§ **WHAT THE EXERCISE ASKS**:
Where a line in the material below has the string "FILTER", please report it.

§ **DATA EXCERPTS**:
[Start of Attachment]
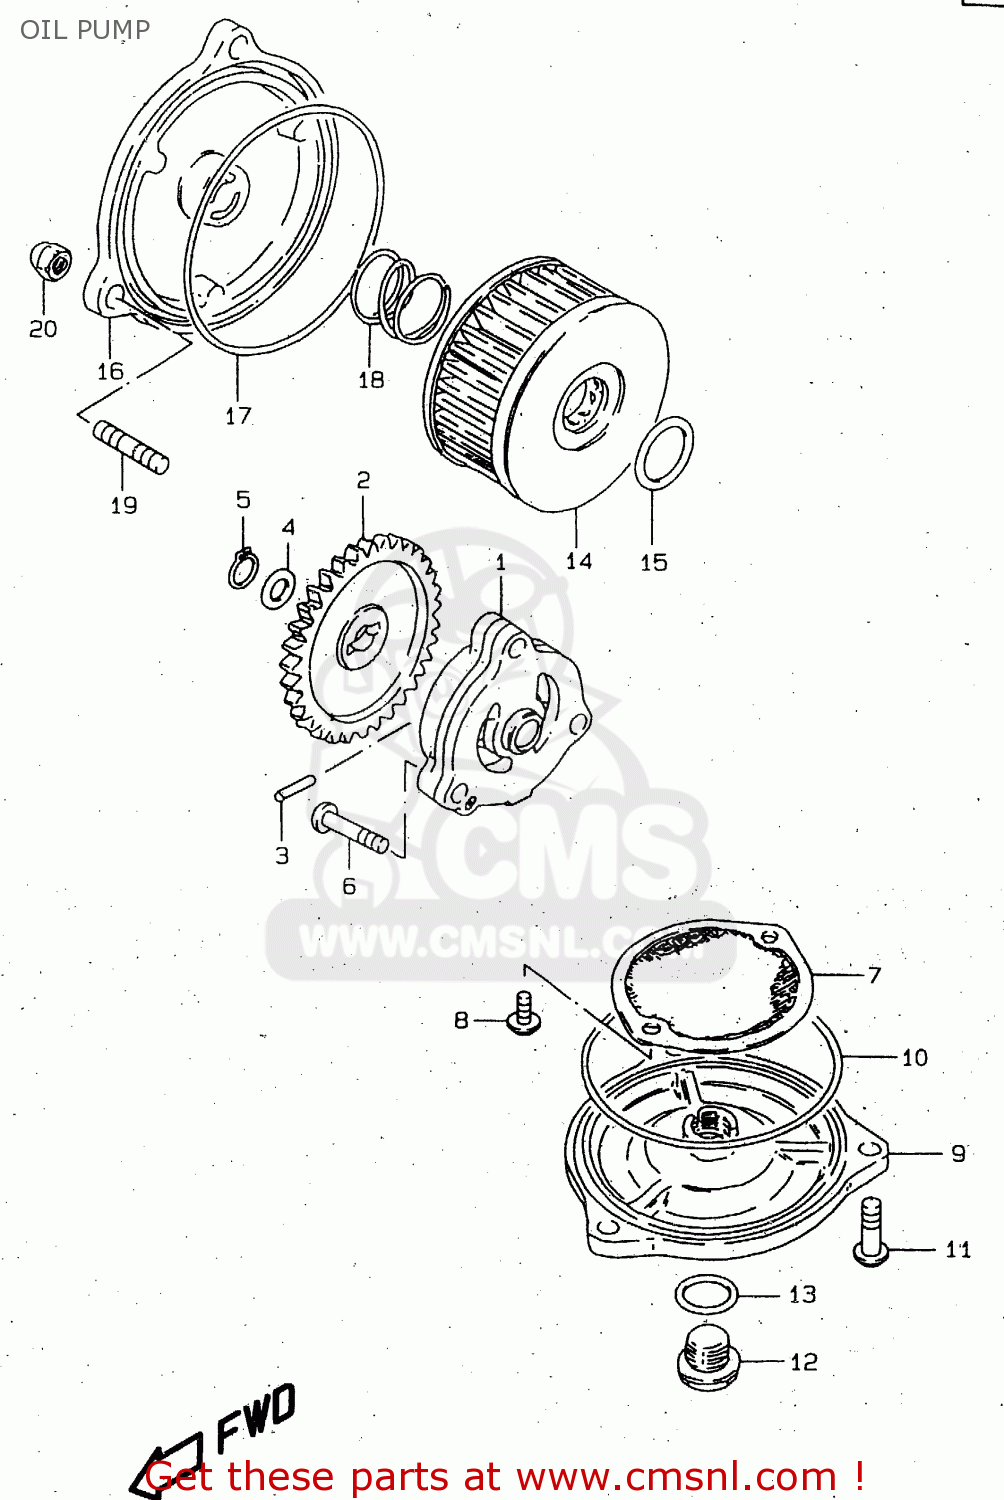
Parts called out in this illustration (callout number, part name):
1	PUMP, ENGINE OIL
2	GEAR,OIL PUMP DRIVEN(NT:33)
3	PIN(4X15.8)
4	SHIM
5	CIRCLIP,10MM
6	SCREW
7	STRAINER,ENGINE OIL
8	SCREW
9	CAP,OIL STRAINER
10	O RING(D:2.4,ID:85)
11	SCREW
12	PLUG
13	GASKET(13.8X18.8X4.8) (NAS)
14	FILTER ASSY,ENGINE OIL
15	O RING(D:2.4,ID:15.8)
16	CAP,OIL FILTER
17	O RING(D:2.4,ID:73)
18	SPRING
19	STUD 6X12
20	NUT
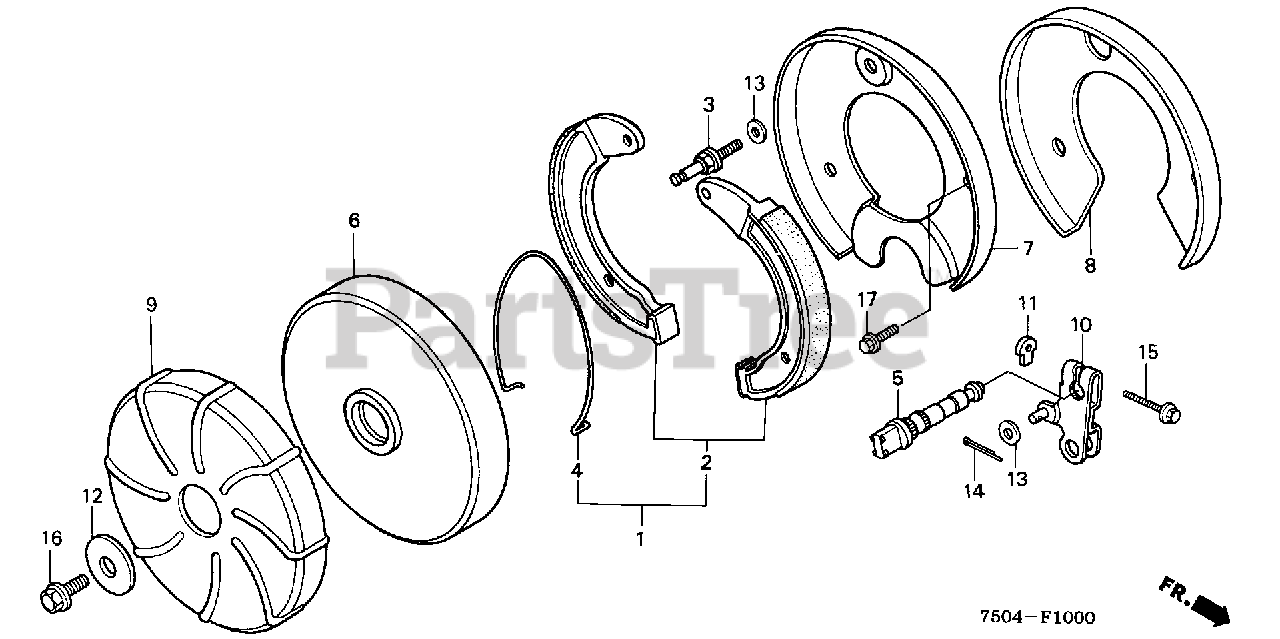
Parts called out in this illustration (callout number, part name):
1	SHOE SET, BRAKE
2	SHOE SET, BRAKE
3	PIN, BRAKE SHOE ANCHOR
4	SPRING, BRAKE SHOE
5	CAM, BRAKE (NOT AVAILABLE)
6	DRUM, BRAKE
7	COVER, BRAKE
8	INSULATOR, BRAKE COVER
9	FIN, BRAKE DRUM
10	ARM, RR. BRAKE
11	NUT, FR. BRAKE ARM SETTING
12	WASHER (10.5MM)
12	WASHER (10X40)
13	WASHER, PLAIN (8MM)
14	PIN, COTTER (2.0X15)
15	BOLT, FLANGE (6X32)
16	BOLT, FLANGE (10X28)
17	BOLT, FLANGE (6X12)
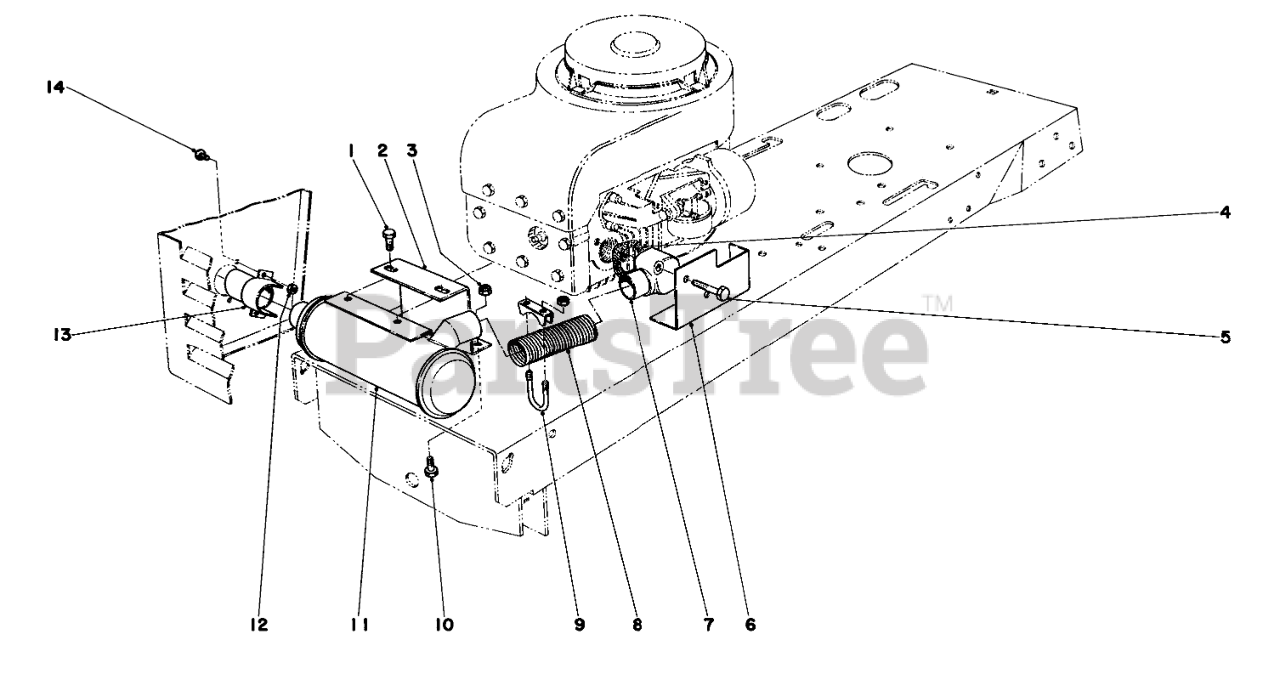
[End of Attachment]
§ **THE ANSWER**:
14	FILTER ASSY,ENGINE OIL
16	CAP,OIL FILTER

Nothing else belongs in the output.